### INFORMATION GIVEN
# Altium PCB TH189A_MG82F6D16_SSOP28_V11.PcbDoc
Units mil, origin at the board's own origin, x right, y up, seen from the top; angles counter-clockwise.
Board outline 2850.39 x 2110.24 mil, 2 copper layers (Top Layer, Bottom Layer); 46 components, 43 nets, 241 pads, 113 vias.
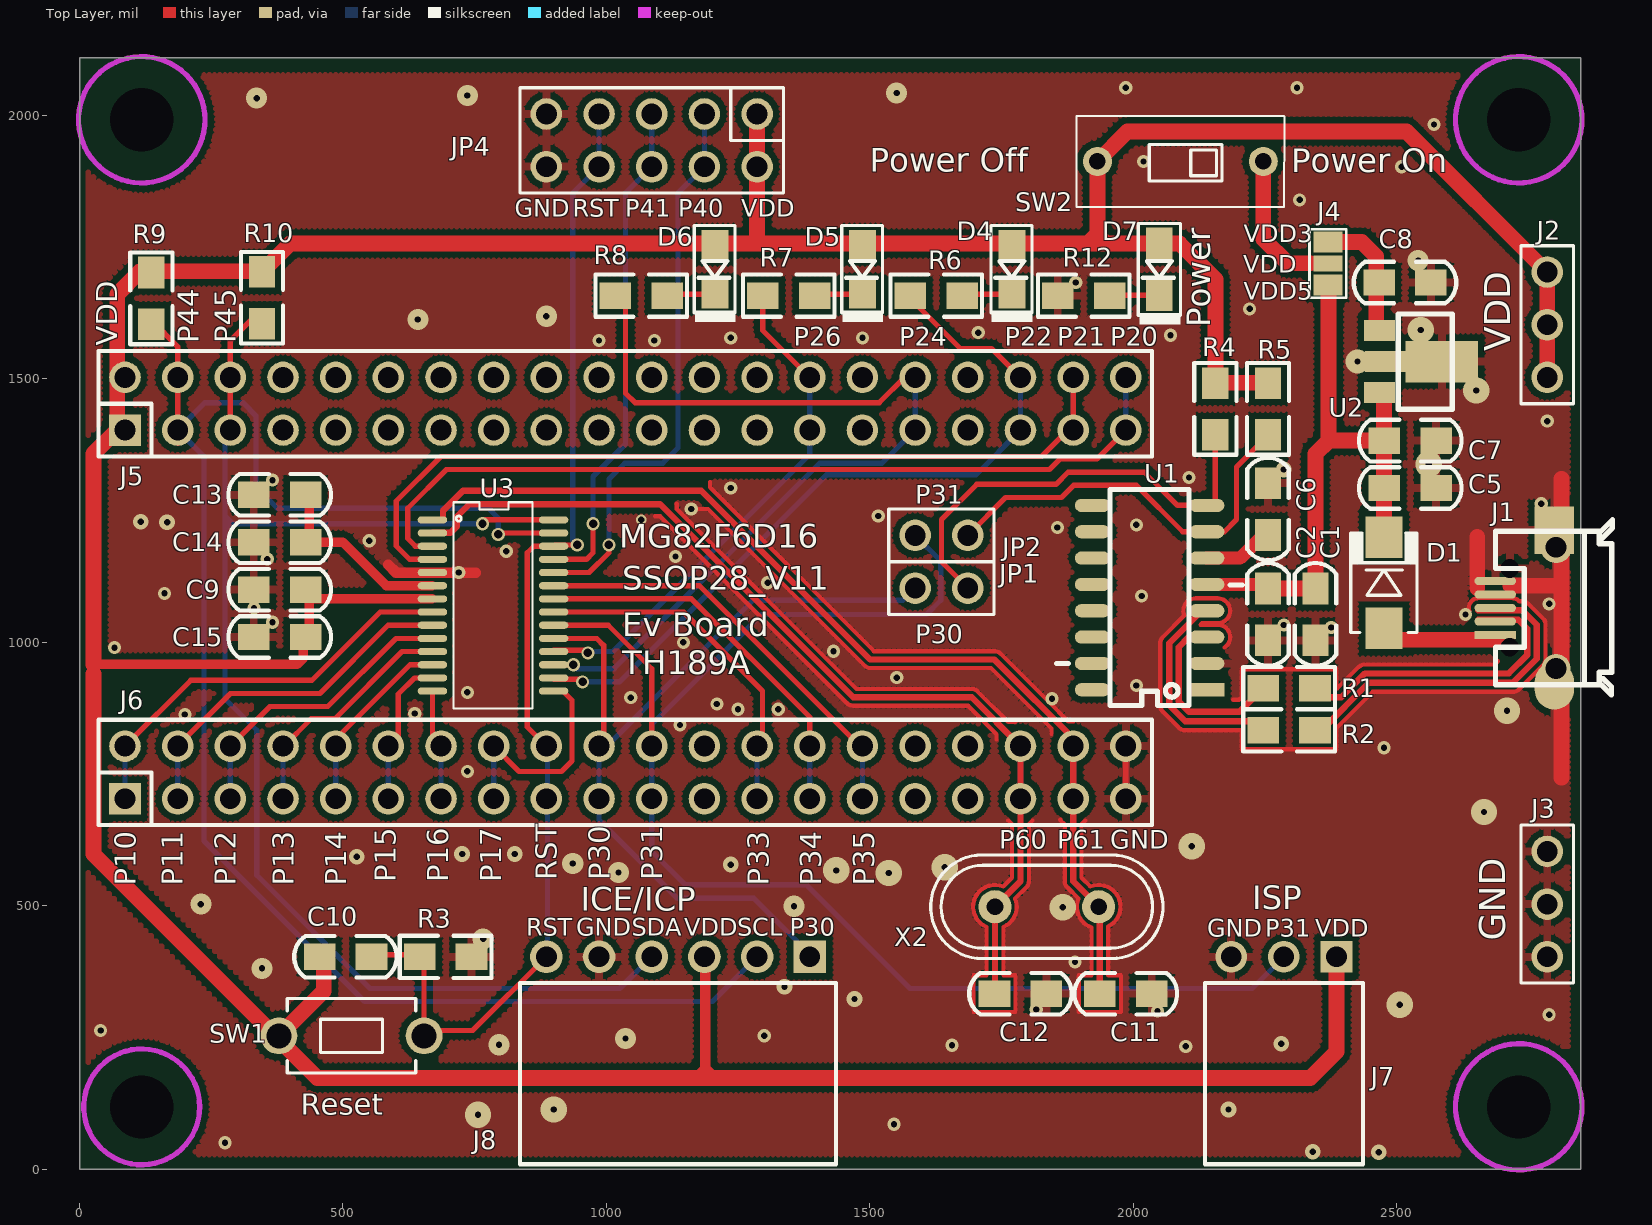
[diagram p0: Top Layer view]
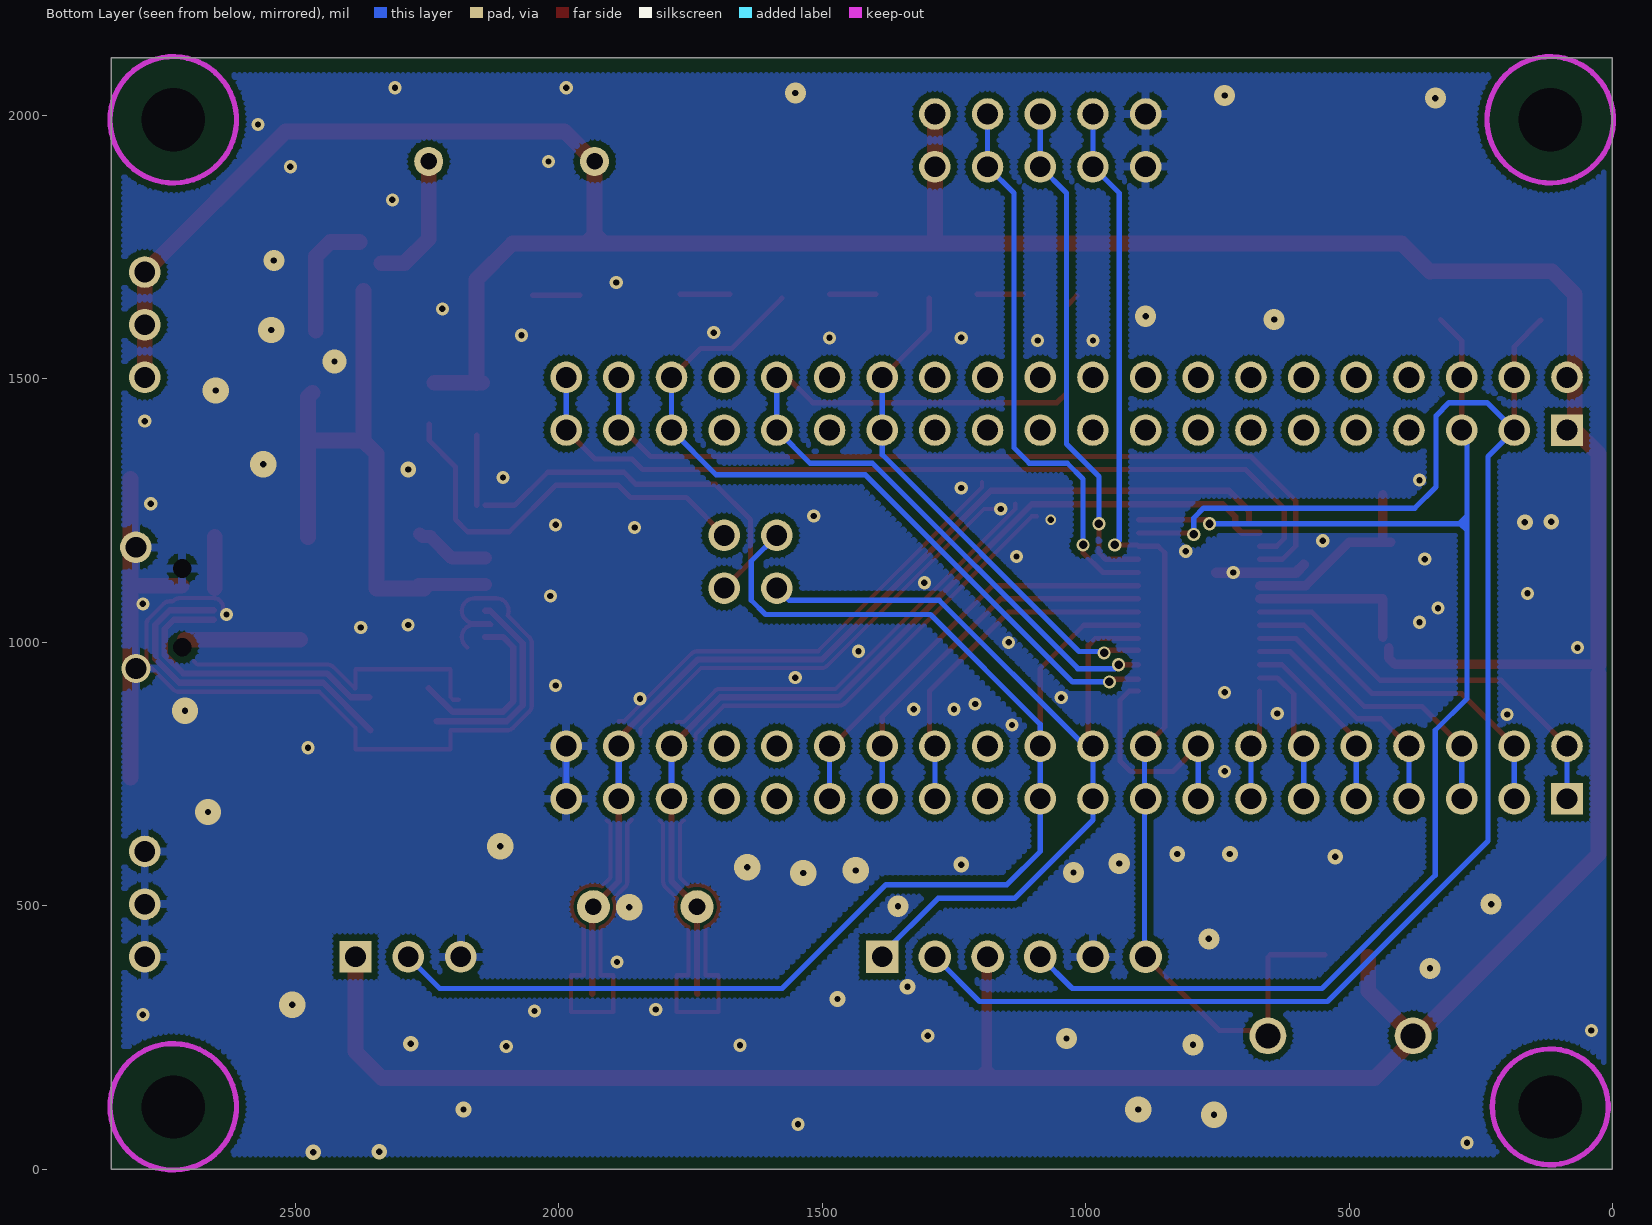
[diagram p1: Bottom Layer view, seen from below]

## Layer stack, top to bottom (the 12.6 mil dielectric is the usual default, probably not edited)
Top Layer: signal copper 1.4
Dielectric: dielectric 12.6, FR-4, Dk 4.8
Bottom Layer: signal copper 1.4

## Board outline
0,0 2850.39,0 2850.39,2110.24 0,2110.24

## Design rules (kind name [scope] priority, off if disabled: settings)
Clearance 12 [All] p1 off: gap=12
Clearance 7 [All] p2 off: gap=7
Clearance 6 [All] p3: gap=6
ComponentClearance [All] p1 off: gap=10 collisioncheckmode=3 verticalgap=10 showdistances=FALSE
HoleSize [All] p1: absolutevalues=TRUE maxlimit=500 minlimit=1 maxpercent=80.000 minpercent=20.000
MinimumSolderMaskSliver [All] p1 off: minsoldermaskwidth=10
PolygonConnect VIA [ISVIA] p1: connectstyle=Direct reliefconductorwidth=10 reliefentries=4 polygonreliefangle="90 Angle"
PolygonConnect [All] p2: connectstyle=Relief reliefconductorwidth=15 reliefentries=4 polygonreliefangle="90 Angle"
RoomDefinition TH189A_MG82F6D16_SSOP28_V11 [InComponentClass('TH189A_MG82F6D16_SSOP28_V11')] p1: confinementstyle=ConfineIn formatcopy=TRUE lockcomponents=FALSE outline -260,-40 2980,-40 2980,2200 -260,2200
RoutingVias [All] p1: holewidth=16 width=25 viastyle="Through Hole" minholewidth=16 minwidth=24 maxholewidth=28 maxwidth=50
SilkToSilkClearance [All] p1 off: silktosilkclearance=10
SilkscreenOverComponentPads [All] p1 off: minsilkscreentomaskgap=10
SolderMaskExpansion [All] p1 off: expansion=4
Width [All] p1: maxlimit=200 minlimit=6 preferedwidth=10
23 further rules are at their usual default settings.

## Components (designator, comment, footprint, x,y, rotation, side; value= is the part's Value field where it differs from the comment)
C1 "4.7uF" 0805C 2346.34,1053 r270 top
C2 "0.1uF" 0805C 2256.34,1053 r90 top
C5 "4.7uF" 0805C 2526.34,1293 r0 top
C6 "1uF" 0805C 2256.34,1253 r270 top
C7 "0.1uF" 0805C 2526.34,1383 r0 top
C8 "4.7uF" 0805C 2516.34,1683 r0 top
C9 "0.1uF" 0805C 380,1100 r0 top
C10 "4.7uF" 0805C 505,403 r0 top
C11 "NC" 0805C 1986.34,333 r180 top
C12 "NC" 0805C 1786.34,333 r180 top
C13 "4.7uF" 0805C 380,1280 r180 top
C14 "0.1uF" 0805C 380,1190 r0 top
C15 "4.7uF" 0805C 380,1010 r180 top
D1 "1N5817" DIODE_SMA 2476.34,1113 r90 top
D4 "Green" 0805D#1 1770,1708 r270 top
D5 "Red" 0805D#1 1486.34,1708 r270 top
D6 "Green" 0805D#1 1206.34,1708 r270 top
D7 "Yellow" 0805D#2 2050,1708 r270 top
J1 "Micro USB" JACK_USB_SMD290X220P065 2687.8,1065.28 r180 top locked
J2 "CON3" PS3P254 2786.34,1503 r90 top
J3 "CON3" PS3P254 2786.34,603 r270 top
J4 "*" JUMP3_SMD 2370,1719 r90 top
J5 "CON40A" PS20X2P254 86.34,1403 r0 top locked
J6 "CON40A" PS20X2P254 86.34,703 r0 top locked
J7 "*" PS3P254f_90 2386.34,403 r180 top
J8 "*" PS6P254F_90 1386.34,403 r180 top
JP1 "JUMPER2" PS2P254 1586.34,1103 r0 top
JP2 "JUMPER2" PS2P254 1586.34,1203 r0 top
JP4 "CON5X2" PS5X2P254 1286.34,2003 r180 top
R1 "22" 0805R 2296.34,913 r180 top
R2 "22" 0805R 2296.34,833 r180 top
R3 "47K" 0805R 695,403 r180 top
R4 "4.7K" 0805R 2156.34,1443 r270 top
R5 "4.7K" 0805R 2256.34,1443 r270 top
R6 "1K" 0805R 1626.34,1658 r0 top
R7 "1K" 0805R 1346.34,1658 r0 top
R8 "1K" 0805R 1066.34,1658 r0 top
R9 "4.7K" 0805R 136.34,1653 r90 top
R10 "4.7K" 0805R 346.34,1654.34 r90 top
R12 "1K" 0805R 1906.34,1658 r0 top
SW1 "SW TACT-SPST" SW_T_2P 516.34,253 r0 top
SW2 "-" DIP2_SW 2247.38,1913 r180 top
U1 "MA111AS16" SO16_150P127 2031.5,1085 r180 top
U2 "AIC1734-33(SOT-89)" SOT89 2468.23,1533 r270 top
U3 "MG82F6D16" SSOP28_150P0635 785,1070 r270 top
X2 "NC" X49U 1836.34,498 r180 top

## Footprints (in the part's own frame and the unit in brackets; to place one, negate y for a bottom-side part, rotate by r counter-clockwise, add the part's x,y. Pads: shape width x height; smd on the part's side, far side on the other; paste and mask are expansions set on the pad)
0805C [mil]
  rect 60x50 smd: 1(-49.21,0) 2(49.21,0)
  silkscreen extent -97,-39 97,39
0805D#1 [mm]
  rect 1.4x1.3 smd: 1(-1.192,0) 2(1.192,0)
  silkscreen extent -2.12,-1 2.53,0.99
0805D#2 [mm]
  rect 1.524x1.27 smd: 1(-1.25,0) 2(1.25,0)
  silkscreen extent -2.21,-1.02 2.66,1.02
0805R [mil]
  rect 60x50 smd: 1(-49.21,0) 2(49.21,0)
  silkscreen extent -87,-40 87,40
DIODE_SMA [mm]
  rect 2x1.8 smd: 1(-2.2,0) 2(2.2,0)
  silkscreen extent -2.4,-1.6 2.44,1.6
DIP2_SW [mm]
  round 1.4 hole 0.8: 1(0,0) 2(8,0)
  silkscreen extent -1.02,-2.2 9.02,2.2
JACK_USB_SMD290X220P065 [mm]
  rect 1.9x1.8 on Mech2: 0(-2.85,-1.15) 0(-2.85,1.15)
  round 0.8 hole 0.9 unplated: 1(-0.7,1.9) 5(-0.7,-1.9)
  rect 2x0.4 smd: 1(0,1.3)
  oval 2x0.4 smd: 2(0,0.65) 3(0,0) 4(0,-0.65) 5(0,-1.3)
  round 1.524 hole 1: 5(-2.931,-2.921)
  rect 1.9x2.3 smd: 5(-2.85,-3.75)
  round 1.397 hole 1: 6(-2.931,2.921)
  oval 1.9x2.3 smd: 6(-2.85,3.75)
  silkscreen extent -5.65,-4.25 -0.01,4.2
JUMP3_SMD [mil]
  rect 40x55 smd: 1(-41,0) 3(41,0)
  rect 30x55 smd: 2(0,0)
  silkscreen extent -65,-35 65,35
PS2P254 [mil]
  round 60 hole 39.37: 1(0,0) 2(100,0)
  silkscreen extent -50,-50 150,50
PS3P254 [mil]
  round 60 hole 39.37: 1(0,0) 2(100,0) 3(200,0)
  silkscreen extent -50,-50 250,50
PS3P254f_90 [mil]
  rect 60x60 hole 39.37: 1(0,0)
  round 60 hole 39.37: 2(100,0) 3(200,0)
  silkscreen extent -50,50 250,394
PS5X2P254 [mil]
  round 60 hole 39.37: 1(0,0) 2(0,100) 3(100,0) 4(100,100) 5(200,0) 6(200,100) 7(300,0) 8(300,100) 9(400,0) 10(400,100)
  silkscreen extent -50,-50 450,150
PS6P254F_90 [mil]
  rect 62x62 hole 39.37: 1(0,0)
  round 62 hole 39.37: 2(100,0) 3(200,0) 4(300,0) 5(400,0) 6(500,0)
  silkscreen extent -50,50 550,394
PS20X2P254 [mil]
  rect 60x60 hole 39.37: 1(0,0)
  round 60 hole 39.37: 2(0,100) 3(100,0) 4(100,100) 5(200,0) 6(200,100) 7(300,0) 8(300,100) 9(400,0) 10(400,100) 11(500,0) 12(500,100) 13(600,0) 14(600,100) 15(700,0) 16(700,100) 17(800,0) 18(800,100) 19(900,0) 20(900,100) 21(1000,0) 22(1000,100) 23(1100,0) 24(1100,100) 25(1200,0) 26(1200,100) 27(1300,0) 28(1300,100) 29(1400,0) 30(1400,100) 31(1500,0) 32(1500,100) 33(1600,0) 34(1600,100) 35(1700,0) 36(1700,100) 37(1800,0) 38(1800,100) 39(1900,0) 40(1900,100)
  silkscreen extent -50,-50 1950,150
SO16_150P127 [mil]
  rect 67x25 smd: 1(-108.5,175)
  oval 67x25 smd: 2(-108.5,125) 3(-108.5,75) 4(-108.5,25) 5(-108.5,-25) 6(-108.5,-75) 7(-108.5,-125) 8(-108.5,-175) 9(108.5,-175) 10(108.5,-125) 11(108.5,-75) 12(108.5,-25) 13(108.5,25) 14(108.5,75) 15(108.5,125) 16(108.5,175)
  silkscreen extent -176,-205 177,205
SOT89 [mm]
  rect 1.016x1.5 smd: 1(-1.5,0) 3(1.5,0)
  rect 2x3.5 smd: 2(0,3)
  rect 1.016x2.6 smd: 2(0,0.6)
  silkscreen extent -2.3,0.9 2.3,3.5
SSOP28_150P0635 [mil]
  oval 13.5x56 smd: 1(-162.5,-115) 2(-137.5,-115) 3(-112.5,-115) 4(-87.5,-115) 5(-62.5,-115) 6(-37.5,-115) 7(-12.5,-115) 8(12.5,-115) 9(37.5,-115) 10(62.5,-115) 11(87.5,-115) 12(112.5,-115) 13(137.5,-115) 14(162.5,-115) 15(162.5,115) 16(137.5,115) 17(112.5,115) 18(87.5,115) 19(62.5,115) 20(37.5,115) 21(12.5,115) 22(-12.5,115) 23(-37.5,115) 24(-62.5,115) 25(-87.5,115) 26(-112.5,115) 27(-137.5,115) 28(-162.5,115)
  silkscreen extent -196,-75 196,75
SW_T_2P [mil]
  round 70 hole 47.24: 1(-137.79,0) 2(137.79,0)
  silkscreen extent -122,-71 122,71
X49U [mm]
  round 1.6 hole 0.8: 1(-2.5,0) 2(2.5,0)
  silkscreen extent -5.6,-2.5 5.6,2.5

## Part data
C1 C5 C8 C13 C15: library part CAP
C2 C6 C7 C9 C14: library part "CAP NP"
C10: library part C
C11 C12: library part "C NP"
D1: library part DIODE_ZD, "Schottky Diode"
D4 D5 D6 D7: library part LED
J1 J8: library part CON6
J4 J7: library part CON3
R1 R2 R3 R9 R10: library part R
R4 R5 R6 R7 R8: library part R_Dup1
R12: library part R_Dup2
SW2: library part SW-2
U2: library part AIC1734-33(SOT-89)_0
U3: library part MG82FG5Dxx_SSOP-28
X2: library part CRYSTAL

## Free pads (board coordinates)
  round 40 hole 120 unplated: 0(118.11,118.11) 0(118.11,1992.13) 0(2732.28,118.11) 0(2732.28,1992.13)

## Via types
v1: diameter 25, hole 12, Top Layer to Bottom Layer, tented both sides, 63 vias
v2: diameter 40, hole 12, Top Layer to Bottom Layer, tented both sides, 14 vias
v3: diameter 50, hole 12, Top Layer to Bottom Layer, tented both sides, 13 vias
v4: diameter 30, hole 12, Top Layer to Bottom Layer, tented both sides, 13 vias
v5: diameter 25, hole 16, Top Layer to Bottom Layer, tented both sides, 8 vias
v6: diameter 20, hole 12, Top Layer to Bottom Layer, tented both sides, 1 vias
v7: diameter 45, hole 12, Top Layer to Bottom Layer, tented both sides, 1 vias

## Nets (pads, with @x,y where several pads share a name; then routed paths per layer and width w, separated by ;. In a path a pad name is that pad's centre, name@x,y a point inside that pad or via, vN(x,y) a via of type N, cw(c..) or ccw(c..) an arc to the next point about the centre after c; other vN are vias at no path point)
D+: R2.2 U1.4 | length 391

### WHAT TO DO
Write out, from the lines above, only those from the line with "0805D#1 [mm]" to the line with "PS3P254 [mil]", exactly as given, including the first and the last.

### YOUR RESPONSE
0805D#1 [mm]
  rect 1.4x1.3 smd: 1(-1.192,0) 2(1.192,0)
  silkscreen extent -2.12,-1 2.53,0.99
0805D#2 [mm]
  rect 1.524x1.27 smd: 1(-1.25,0) 2(1.25,0)
  silkscreen extent -2.21,-1.02 2.66,1.02
0805R [mil]
  rect 60x50 smd: 1(-49.21,0) 2(49.21,0)
  silkscreen extent -87,-40 87,40
DIODE_SMA [mm]
  rect 2x1.8 smd: 1(-2.2,0) 2(2.2,0)
  silkscreen extent -2.4,-1.6 2.44,1.6
DIP2_SW [mm]
  round 1.4 hole 0.8: 1(0,0) 2(8,0)
  silkscreen extent -1.02,-2.2 9.02,2.2
JACK_USB_SMD290X220P065 [mm]
  rect 1.9x1.8 on Mech2: 0(-2.85,-1.15) 0(-2.85,1.15)
  round 0.8 hole 0.9 unplated: 1(-0.7,1.9) 5(-0.7,-1.9)
  rect 2x0.4 smd: 1(0,1.3)
  oval 2x0.4 smd: 2(0,0.65) 3(0,0) 4(0,-0.65) 5(0,-1.3)
  round 1.524 hole 1: 5(-2.931,-2.921)
  rect 1.9x2.3 smd: 5(-2.85,-3.75)
  round 1.397 hole 1: 6(-2.931,2.921)
  oval 1.9x2.3 smd: 6(-2.85,3.75)
  silkscreen extent -5.65,-4.25 -0.01,4.2
JUMP3_SMD [mil]
  rect 40x55 smd: 1(-41,0) 3(41,0)
  rect 30x55 smd: 2(0,0)
  silkscreen extent -65,-35 65,35
PS2P254 [mil]
  round 60 hole 39.37: 1(0,0) 2(100,0)
  silkscreen extent -50,-50 150,50
PS3P254 [mil]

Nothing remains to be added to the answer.